- [DIRECTIONS]:
Scan the entries for lines with the word "section", then copy those lines.
STORED DATA START
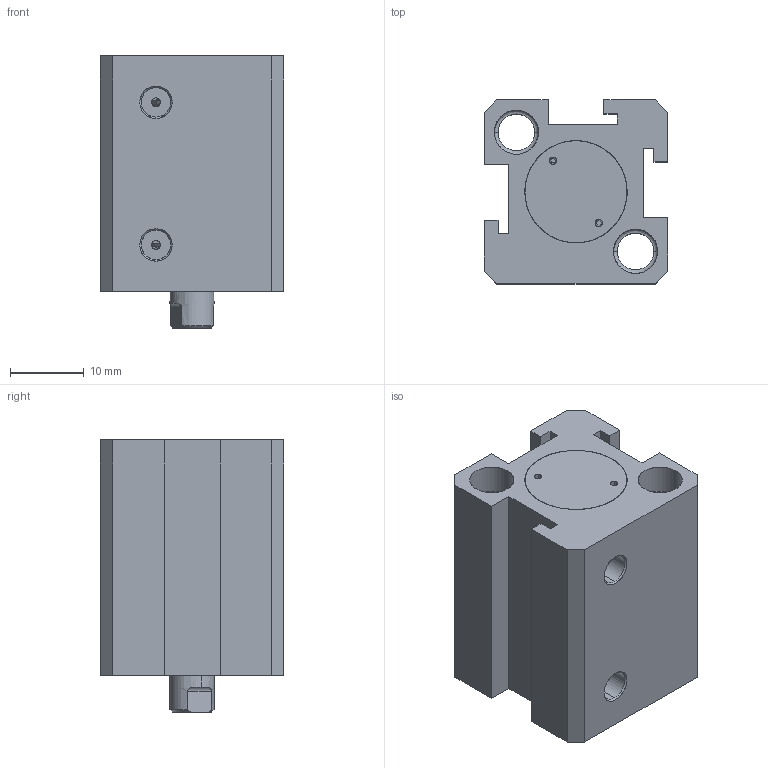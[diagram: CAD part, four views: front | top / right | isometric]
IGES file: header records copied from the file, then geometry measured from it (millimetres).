
Start section: SolidWorks IGES file using analytic representation for surfaces
Global section: file name: D:\ARICA 3D 禽Z軲LER\3D IGES\SDA-S\SDA-S 12\SDA-S-12X5CYLINDER.IGS,1; native system: 5HSolidWorks 2013; preprocessor: SolidWorks 2013; author: user; date: 150727.094412; units: millimetre
Bounding box: 25 x 25 x 37 mm (x, y, z)
Surface area: 10059.8 mm2 (no closed solid volume)
Topology: 0 solids, 0 shells, 150 faces, 2320 edges, 2320 vertices
Faces by surface type: revolution 78, bspline 72
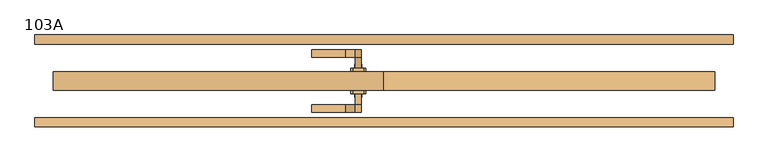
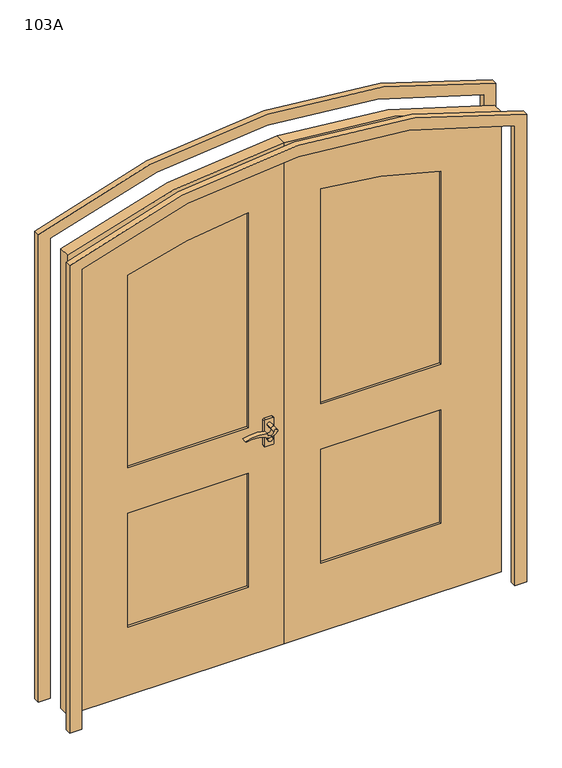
"""IFC4 building model written with IfcOpenShell, lengths in millimetres: door geometry, 双开门(恢复) : 103A."""

from ifc_helpers import new_model, si_unit, point, frame, frame_2d, origin, place, context, project, spatial, polyline, circle_curve, trimmed, segment, composite_curve, outline, extrude, source, transform, mapped, element, save
from ifc_brep_helpers import plane_surface, cylinder_surface, revolved_surface, advanced_brep


def door_103a_7dd64f01(model_context):
    return source(origin(), model_context, "Body", "SolidModel", [
        extrude(outline(composite_curve([segment(trimmed(circle_curve(frame_2d((935.0, -70.0)), 10.0), [point((935.0, -80.0))], [point((935.0, -60.0))], False, "CARTESIAN"), True, "CONTINUOUS"), segment(trimmed(circle_curve(frame_2d((935.0, -70.0)), 10.0), [point((935.0, -60.0))], [point((935.0, -80.0))], False, "CARTESIAN"), True, "CONTINUOUS")], self_intersect=False)), frame((0.0, -45.0, 0.0), z_axis=(0.0, 1.0, 0.0), x_axis=(0.0, 0.0, 1.0)), (0.0, 0.0, 1.0), 10.0),
        extrude(outline(composite_curve([segment(trimmed(circle_curve(frame_2d((935.0, -70.0)), 10.0), [point((935.0, -80.0))], [point((935.0, -60.0))], False, "CARTESIAN"), True, "CONTINUOUS"), segment(trimmed(circle_curve(frame_2d((935.0, -70.0)), 10.0), [point((935.0, -60.0))], [point((935.0, -80.0))], False, "CARTESIAN"), True, "CONTINUOUS")], self_intersect=False)), frame((0.0, 35.0, 0.0), z_axis=(0.0, 1.0, 0.0), x_axis=(0.0, 0.0, 1.0)), (0.0, 0.0, 1.0), 10.0),
        extrude(outline(composite_curve([segment(trimmed(circle_curve(frame_2d((995.0, -70.0)), 8.0000034), [point((990.3476652, -63.4918639))], [point((995.0, -78.0000034))], False, "CARTESIAN"), True, "CONTINUOUS"), segment(trimmed(circle_curve(frame_2d((995.0, -91.8559281)), 13.8559247), [point((995.0, -78.0000034))], [point((994.6945887, -105.7084865))], True, "CARTESIAN"), True, "CONTINUOUS"), segment(trimmed(circle_curve(frame_2d((820.9182734, -147.471636)), 178.7242804), [point((994.6945887, -105.7084865))], [point((992.6849677, -196.8535268))], False, "CARTESIAN"), True, "CONTINUOUS"), segment(polyline([(992.6849677, -196.8535268), (989.1494307, -193.3179936)]), True, "CONTINUOUS"), segment(trimmed(circle_curve(frame_2d((876.1214485, -165.1751197)), 116.4789514), [point((989.1494307, -193.3179936))], [point((979.2382475, -111.0061997))], True, "CARTESIAN"), True, "CONTINUOUS"), segment(trimmed(circle_curve(frame_2d((1012.2444372, -93.6675152)), 37.2832209), [point((979.2382475, -111.0061997))], [point((990.3476652, -63.4918639))], False, "CARTESIAN"), True, "CONTINUOUS")], self_intersect=False)), frame((0.0, -85.0, 0.0), z_axis=(0.0, 1.0, 0.0), x_axis=(0.0, 0.0, 1.0)), (0.0, 0.0, 1.0), 20.0),
        extrude(outline(composite_curve([segment(trimmed(circle_curve(frame_2d((995.0000265, -91.8559261)), 13.8559261), [point((995.0000097, -78.0))], [point((994.6945968, -105.7084855))], True, "CARTESIAN"), True, "CONTINUOUS"), segment(trimmed(circle_curve(frame_2d((820.9182829, -147.4716342)), 178.7242789), [point((994.6945968, -105.7084855))], [point((992.6849752, -196.8535264))], False, "CARTESIAN"), True, "CONTINUOUS"), segment(polyline([(992.6849752, -196.8535264), (989.1494413, -193.3179925)]), True, "CONTINUOUS"), segment(trimmed(circle_curve(frame_2d((876.1214595, -165.1751193)), 116.4789508), [point((989.1494413, -193.3179925))], [point((979.2382573, -111.0061984))], True, "CARTESIAN"), True, "CONTINUOUS"), segment(trimmed(circle_curve(frame_2d((1012.2444479, -93.6675129)), 37.2832219), [point((979.2382573, -111.0061984))], [point((990.3476713, -63.4918637))], False, "CARTESIAN"), True, "CONTINUOUS"), segment(trimmed(circle_curve(frame_2d((995.0, -70.0)), 8.0), [point((990.3476713, -63.4918637))], [point((995.0000097, -78.0))], False, "CARTESIAN"), True, "CONTINUOUS")], self_intersect=False)), frame((0.0, 65.0, 0.0), z_axis=(0.0, 1.0, 0.0), x_axis=(0.0, 0.0, 1.0)), (0.0, 0.0, 1.0), 20.0),
        extrude(outline(composite_curve([segment(trimmed(circle_curve(frame_2d((995.0, -70.0)), 8.0), [point((995.0, -78.0))], [point((995.0, -62.0))], False, "CARTESIAN"), True, "CONTINUOUS"), segment(trimmed(circle_curve(frame_2d((995.0, -70.0)), 8.0), [point((995.0, -62.0))], [point((995.0, -78.0))], False, "CARTESIAN"), True, "CONTINUOUS")], self_intersect=False)), frame((0.0, -65.0, 0.0), z_axis=(0.0, 1.0, 0.0), x_axis=(0.0, 0.0, 1.0)), (0.0, 0.0, 1.0), 30.0),
        extrude(outline(composite_curve([segment(trimmed(circle_curve(frame_2d((995.0, -70.0)), 8.0), [point((995.0, -78.0))], [point((995.0, -62.0))], False, "CARTESIAN"), True, "CONTINUOUS"), segment(trimmed(circle_curve(frame_2d((995.0, -70.0)), 8.0), [point((995.0, -62.0))], [point((995.0, -78.0))], False, "CARTESIAN"), True, "CONTINUOUS")], self_intersect=False)), frame((0.0, 35.0, 0.0), z_axis=(0.0, 1.0, 0.0), x_axis=(0.0, 0.0, 1.0)), (0.0, 0.0, 1.0), 30.0),
        extrude(outline(composite_curve([segment(polyline([(905.0, -50.0), (1015.0, -50.0)]), True, "CONTINUOUS"), segment(trimmed(circle_curve(frame_2d((1015.0, -55.0)), 5.0), [point((1015.0, -50.0))], [point((1020.0, -55.0))], False, "CARTESIAN"), True, "CONTINUOUS"), segment(polyline([(1020.0, -55.0), (1020.0, -85.0)]), True, "CONTINUOUS"), segment(trimmed(circle_curve(frame_2d((1015.0, -85.0)), 5.0), [point((1020.0, -85.0))], [point((1015.0, -90.0))], False, "CARTESIAN"), True, "CONTINUOUS"), segment(polyline([(1015.0, -90.0), (905.0, -90.0)]), True, "CONTINUOUS"), segment(trimmed(circle_curve(frame_2d((905.0, -85.0)), 5.0), [point((905.0, -90.0))], [point((900.0, -85.0))], False, "CARTESIAN"), True, "CONTINUOUS"), segment(polyline([(900.0, -85.0), (900.0, -55.0)]), True, "CONTINUOUS"), segment(trimmed(circle_curve(frame_2d((905.0, -55.0)), 5.0), [point((900.0, -55.0))], [point((905.0, -50.0))], False, "CARTESIAN"), True, "CONTINUOUS")], self_intersect=False)), frame((0.0, -35.0, 0.0), z_axis=(0.0, 1.0, 0.0), x_axis=(0.0, 0.0, 1.0)), (0.0, 0.0, 1.0), 10.0),
        extrude(outline(composite_curve([segment(polyline([(905.0, -50.0), (1015.0, -50.0)]), True, "CONTINUOUS"), segment(trimmed(circle_curve(frame_2d((1015.0, -55.0)), 5.0), [point((1015.0, -50.0))], [point((1020.0, -55.0))], False, "CARTESIAN"), True, "CONTINUOUS"), segment(polyline([(1020.0, -55.0), (1020.0, -85.0)]), True, "CONTINUOUS"), segment(trimmed(circle_curve(frame_2d((1015.0, -85.0)), 5.0), [point((1020.0, -85.0))], [point((1015.0, -90.0))], False, "CARTESIAN"), True, "CONTINUOUS"), segment(polyline([(1015.0, -90.0), (905.0, -90.0)]), True, "CONTINUOUS"), segment(trimmed(circle_curve(frame_2d((905.0, -85.0)), 5.0), [point((905.0, -90.0))], [point((900.0, -85.0))], False, "CARTESIAN"), True, "CONTINUOUS"), segment(polyline([(900.0, -85.0), (900.0, -55.0)]), True, "CONTINUOUS"), segment(trimmed(circle_curve(frame_2d((905.0, -55.0)), 5.0), [point((900.0, -55.0))], [point((905.0, -50.0))], False, "CARTESIAN"), True, "CONTINUOUS")], self_intersect=False)), frame((0.0, 25.0, 0.0), z_axis=(0.0, 1.0, 0.0), x_axis=(0.0, 0.0, 1.0)), (0.0, 0.0, 1.0), 10.0),
        advanced_brep(
        [(0.0, 25.0, 2200.0), (900.0, 25.0, 2020.0), (900.0, 25.0, 0.0), (0.0, 25.0, 0.0), (0.0, -25.0, 2200.0), (0.0, -25.0, 0.0), (900.0, -25.0, 0.0), (900.0, -25.0, 2020.0), (650.0, -25.0, 300.0), (150.0, -25.0, 300.0), (150.0, -25.0, 800.0), (650.0, -25.0, 800.0), (150.0, -25.0, 1000.0), (150.0, -25.0, 1944.6102753), (650.0, -25.0, 1846.3534429), (650.0, -25.0, 1000.0), (650.0, -15.0, 800.0), (150.0, -15.0, 800.0), (150.0, -15.0, 300.0), (650.0, -15.0, 300.0), (650.0, -15.0, 1000.0), (650.0, -15.0, 1846.3534429), (150.0, -15.0, 1944.6102753), (150.0, -15.0, 1000.0)],
        [
            (0, 1, circle_curve(frame((0.0, 25.0, -140.0), z_axis=(0.0, 1.0, 0.0), x_axis=(1.0, 0.0, 0.0)), 2340.0)),
            (1, 2),
            (2, 3),
            (3, 0),
            (4, 5),
            (5, 6),
            (6, 7),
            (7, 4, circle_curve(frame((0.0, -25.0, -140.0), z_axis=(0.0, -1.0, 0.0), x_axis=(1.0, 0.0, 0.0)), 2340.0)),
            (8, 9),
            (9, 10),
            (10, 11),
            (11, 8),
            (12, 13),
            (13, 14, circle_curve(frame((0.0, -25.0, -140.0), z_axis=(0.0, 1.0, 0.0), x_axis=(-1.0, 0.0, 0.0)), 2090.0)),
            (14, 15),
            (15, 12),
            (3, 5),
            (4, 0),
            (2, 6),
            (1, 7),
            (16, 17),
            (17, 18),
            (18, 19),
            (19, 16),
            (20, 21),
            (21, 22, circle_curve(frame((0.0, -15.0, -140.0), z_axis=(0.0, -1.0, 0.0), x_axis=(-1.0, 0.0, 0.0)), 2090.0)),
            (22, 23),
            (23, 20),
            (19, 8),
            (11, 16),
            (18, 9),
            (17, 10),
            (23, 12),
            (15, 20),
            (22, 13),
            (21, 14),
        ],
        [
            plane_surface(frame((0.0, 25.0, 0.0), z_axis=(0.0, 1.0, 0.0), x_axis=(0.0, 0.0, -1.0))),
            plane_surface(frame((0.0, -25.0, 0.0), z_axis=(0.0, -1.0, 0.0), x_axis=(0.0, 0.0, 1.0))),
            plane_surface(frame((0.0, 25.0, 2200.0), z_axis=(-1.0, 0.0, 0.0), x_axis=(0.0, -1.0, 0.0))),
            plane_surface(frame((0.0, 25.0, 0.0), z_axis=(0.0, 0.0, -1.0), x_axis=(0.0, -1.0, 0.0))),
            plane_surface(frame((900.0, 25.0, 0.0), z_axis=(1.0, 0.0, 0.0), x_axis=(0.0, -1.0, 0.0))),
            cylinder_surface(frame((0.0, -25.0, -140.0), z_axis=(0.0, 1.0, 0.0), x_axis=(1.0, 0.0, 0.0)), 2340.0),
            plane_surface(frame((150.0, -15.0, 800.0), z_axis=(0.0, -1.0, 0.0), x_axis=(-1.0, 0.0, 0.0))),
            plane_surface(frame((650.0, -15.0, 300.0), z_axis=(-1.0, 0.0, 0.0), x_axis=(0.0, -1.0, 0.0))),
            plane_surface(frame((150.0, -15.0, 300.0), z_axis=(0.0, 0.0, 1.0), x_axis=(0.0, -1.0, 0.0))),
            plane_surface(frame((150.0, -15.0, 800.0), z_axis=(1.0, 0.0, 0.0), x_axis=(0.0, -1.0, 0.0))),
            plane_surface(frame((650.0, -15.0, 800.0), z_axis=(0.0, 0.0, -1.0), x_axis=(0.0, -1.0, 0.0))),
            plane_surface(frame((150.0, -15.0, 1000.0), z_axis=(0.0, 0.0, 1.0), x_axis=(0.0, -1.0, 0.0))),
            plane_surface(frame((150.0, -15.0, 1944.6102753), z_axis=(1.0, 0.0, 0.0), x_axis=(0.0, -1.0, 0.0))),
            revolved_surface(polyline([(-2090.0, -15.0, -140.0), (-2090.0, -25.0, -140.0)]), (0.0, -25.0, -140.0), (0.0, 1.0, 0.0)),
            plane_surface(frame((650.0, -15.0, 1000.0), z_axis=(-1.0, 0.0, 0.0), x_axis=(0.0, -1.0, 0.0))),
        ],
        [
            (0, [[1, 2, 3, 4]]),
            (1, [[5, 6, 7, 8], [9, 10, 11, 12], [13, 14, 15, 16]]),
            (2, [[17, -5, 18, -4]]),
            (3, [[19, -6, -17, -3]]),
            (4, [[20, -7, -19, -2]]),
            (5, [[-18, -8, -20, -1]]),
            (6, [[21, 22, 23, 24]]),
            (6, [[25, 26, 27, 28]]),
            (7, [[29, -12, 30, -24]]),
            (8, [[31, -9, -29, -23]]),
            (9, [[32, -10, -31, -22]]),
            (10, [[-30, -11, -32, -21]]),
            (11, [[33, -16, 34, -28]]),
            (12, [[35, -13, -33, -27]]),
            (13, [[36, -14, -35, -26]]),
            (14, [[-34, -15, -36, -25]]),
        ],
    ),
        advanced_brep(
        [(0.0, 25.0, 0.0), (-900.0, 25.0, 0.0), (-900.0, 25.0, 2020.0), (0.0, 25.0, 2200.0), (0.0, -25.0, 0.0), (0.0, -25.0, 2200.0), (-900.0, -25.0, 2020.0), (-900.0, -25.0, 0.0), (-650.0, -25.0, 800.0), (-150.0, -25.0, 800.0), (-150.0, -25.0, 300.0), (-650.0, -25.0, 300.0), (-650.0, -25.0, 1000.0), (-650.0, -25.0, 1846.3534429), (-150.0, -25.0, 1944.6102753), (-150.0, -25.0, 1000.0), (-650.0, -15.0, 800.0), (-650.0, -15.0, 300.0), (-150.0, -15.0, 300.0), (-150.0, -15.0, 800.0), (-650.0, -15.0, 1000.0), (-150.0, -15.0, 1000.0), (-150.0, -15.0, 1944.6102753), (-650.0, -15.0, 1846.3534429)],
        [
            (0, 1),
            (1, 2),
            (2, 3, circle_curve(frame((0.0, 25.0, -140.0), z_axis=(0.0, 1.0, 0.0), x_axis=(1.0, 0.0, 0.0)), 2340.0)),
            (3, 0),
            (4, 5),
            (5, 6, circle_curve(frame((0.0, -25.0, -140.0), z_axis=(0.0, -1.0, 0.0), x_axis=(1.0, 0.0, 0.0)), 2340.0)),
            (6, 7),
            (7, 4),
            (8, 9),
            (9, 10),
            (10, 11),
            (11, 8),
            (12, 13),
            (13, 14, circle_curve(frame((0.0, -25.0, -140.0), z_axis=(0.0, 1.0, 0.0), x_axis=(1.0, 0.0, 0.0)), 2090.0)),
            (14, 15),
            (15, 12),
            (3, 5),
            (4, 0),
            (2, 6),
            (1, 7),
            (16, 17),
            (17, 18),
            (18, 19),
            (19, 16),
            (20, 21),
            (21, 22),
            (22, 23, circle_curve(frame((0.0, -15.0, -140.0), z_axis=(0.0, -1.0, 0.0), x_axis=(1.0, 0.0, 0.0)), 2090.0)),
            (23, 20),
            (16, 8),
            (11, 17),
            (10, 18),
            (9, 19),
            (20, 12),
            (15, 21),
            (14, 22),
            (13, 23),
        ],
        [
            plane_surface(frame((0.0, 25.0, 3632.4185761), z_axis=(0.0, 1.0, 0.0), x_axis=(0.0, 0.0, 1.0))),
            plane_surface(frame((0.0, -25.0, 3632.4185761), z_axis=(0.0, -1.0, 0.0), x_axis=(0.0, 0.0, -1.0))),
            plane_surface(frame((0.0, 25.0, 0.0), z_axis=(1.0, 0.0, 0.0), x_axis=(0.0, -1.0, 0.0))),
            cylinder_surface(frame((0.0, -25.0, -140.0), z_axis=(0.0, 1.0, 0.0), x_axis=(1.0, 0.0, 0.0)), 2340.0),
            plane_surface(frame((-900.0, 25.0, 2020.0), z_axis=(-1.0, 0.0, 0.0), x_axis=(0.0, -1.0, 0.0))),
            plane_surface(frame((-900.0, 25.0, 0.0), z_axis=(0.0, 0.0, -1.0), x_axis=(0.0, -1.0, 0.0))),
            plane_surface(frame((-650.0, -15.0, 800.0), z_axis=(0.0, -1.0, 0.0), x_axis=(0.0, 0.0, -1.0))),
            plane_surface(frame((-650.0, -15.0, 800.0), z_axis=(1.0, 0.0, 0.0), x_axis=(0.0, -1.0, 0.0))),
            plane_surface(frame((-650.0, -15.0, 300.0), z_axis=(0.0, 0.0, 1.0), x_axis=(0.0, -1.0, 0.0))),
            plane_surface(frame((-150.0, -15.0, 300.0), z_axis=(-1.0, 0.0, 0.0), x_axis=(0.0, -1.0, 0.0))),
            plane_surface(frame((-150.0, -15.0, 800.0), z_axis=(0.0, 0.0, -1.0), x_axis=(0.0, -1.0, 0.0))),
            plane_surface(frame((-650.0, -15.0, 1000.0), z_axis=(0.0, 0.0, 1.0), x_axis=(0.0, -1.0, 0.0))),
            plane_surface(frame((-150.0, -15.0, 1000.0), z_axis=(-1.0, 0.0, 0.0), x_axis=(0.0, -1.0, 0.0))),
            revolved_surface(polyline([(2090.0, -15.0, -140.0), (2090.0, -25.0, -140.0)]), (0.0, -25.0, -140.0), (0.0, 1.0, 0.0)),
            plane_surface(frame((-650.0, -15.0, 1846.3534429), z_axis=(1.0, 0.0, 0.0), x_axis=(0.0, -1.0, 0.0))),
        ],
        [
            (0, [[1, 2, 3, 4]]),
            (1, [[5, 6, 7, 8], [9, 10, 11, 12], [13, 14, 15, 16]]),
            (2, [[17, -5, 18, -4]]),
            (3, [[19, -6, -17, -3]]),
            (4, [[20, -7, -19, -2]]),
            (5, [[-18, -8, -20, -1]]),
            (6, [[21, 22, 23, 24]]),
            (6, [[25, 26, 27, 28]]),
            (7, [[29, -12, 30, -21]]),
            (8, [[-30, -11, 31, -22]]),
            (9, [[-31, -10, 32, -23]]),
            (10, [[-32, -9, -29, -24]]),
            (11, [[33, -16, 34, -25]]),
            (12, [[-34, -15, 35, -26]]),
            (13, [[-35, -14, 36, -27]]),
            (14, [[-36, -13, -33, -28]]),
        ],
    ),
        extrude(outline(composite_curve([segment(trimmed(circle_curve(frame_2d((-140.0, 0.0)), 2340.0), [point((2020.0, -900.0))], [point((2020.0, 900.0))], True, "CARTESIAN"), True, "CONTINUOUS"), segment(polyline([(2020.0, 900.0), (0.0, 900.0), (0.0, 950.0), (2053.0800259, 950.0)]), True, "CONTINUOUS"), segment(trimmed(circle_curve(frame_2d((-140.0, 0.0)), 2390.0), [point((2053.0800259, 950.0))], [point((2053.0800259, -950.0))], False, "CARTESIAN"), True, "CONTINUOUS"), segment(polyline([(2053.0800259, -950.0), (0.0, -950.0), (0.0, -900.0), (2020.0, -900.0)]), True, "CONTINUOUS")], self_intersect=False)), frame((0.0, -125.0, 0.0), z_axis=(0.0, 1.0, 0.0), x_axis=(0.0, 0.0, 1.0)), (0.0, 0.0, 1.0), 25.0),
        extrude(outline(composite_curve([segment(polyline([(2053.0800259, -950.0), (0.0, -950.0), (0.0, -900.0), (2020.0, -900.0)]), True, "CONTINUOUS"), segment(trimmed(circle_curve(frame_2d((-140.0, 0.0)), 2340.0), [point((2020.0, -900.0))], [point((2020.0, 900.0))], True, "CARTESIAN"), True, "CONTINUOUS"), segment(polyline([(2020.0, 900.0), (0.0, 900.0), (0.0, 950.0), (2053.0800259, 950.0)]), True, "CONTINUOUS"), segment(trimmed(circle_curve(frame_2d((-140.0, 0.0)), 2390.0), [point((2053.0800259, 950.0))], [point((2053.0800259, -950.0))], False, "CARTESIAN"), True, "CONTINUOUS")], self_intersect=False)), frame((0.0, 100.0, 0.0), z_axis=(0.0, 1.0, 0.0), x_axis=(0.0, 0.0, 1.0)), (0.0, 0.0, 1.0), 25.0),
    ])


if __name__ == "__main__":
    model = new_model("IFC4")
    model_context = context("Model", 3, world=origin())
    ifc_project = project(units=[si_unit("LENGTHUNIT", "METRE", prefix="MILLI")], contexts=[model_context])
    site = spatial("IfcSite", under=ifc_project)
    building = spatial("IfcBuilding", under=site)
    placement = place(None, origin())
    door_103a_shape = door_103a_7dd64f01(model_context)
    element("IfcDoor", 1, ObjectType="双开门(恢复) : 103A", at=placement, inside=building, context=model_context, shape_type="MappedRepresentation", body=[
        mapped(door_103a_shape, transform((0.0, 0.0, 0.0), x_axis=(1.0, 0.0, 0.0), y_axis=(0.0, 1.0, 0.0), z_axis=(0.0, 0.0, 1.0))),
    ])
    save(model, "model.ifc")
STORED DATA END
- [EXERCISE OUTPUT]:
Start section: SolidWorks IGES file using analytic representation for surfaces
Global section: file name: D:\ARICA 3D 禽Z軲LER\3D IGES\SDA-S\SDA-S 12\SDA-S-12X5CYLINDER.IGS,1; native system: 5HSolidWorks 2013; preprocessor: SolidWorks 2013; author: user; date: 150727.094412; units: millimetre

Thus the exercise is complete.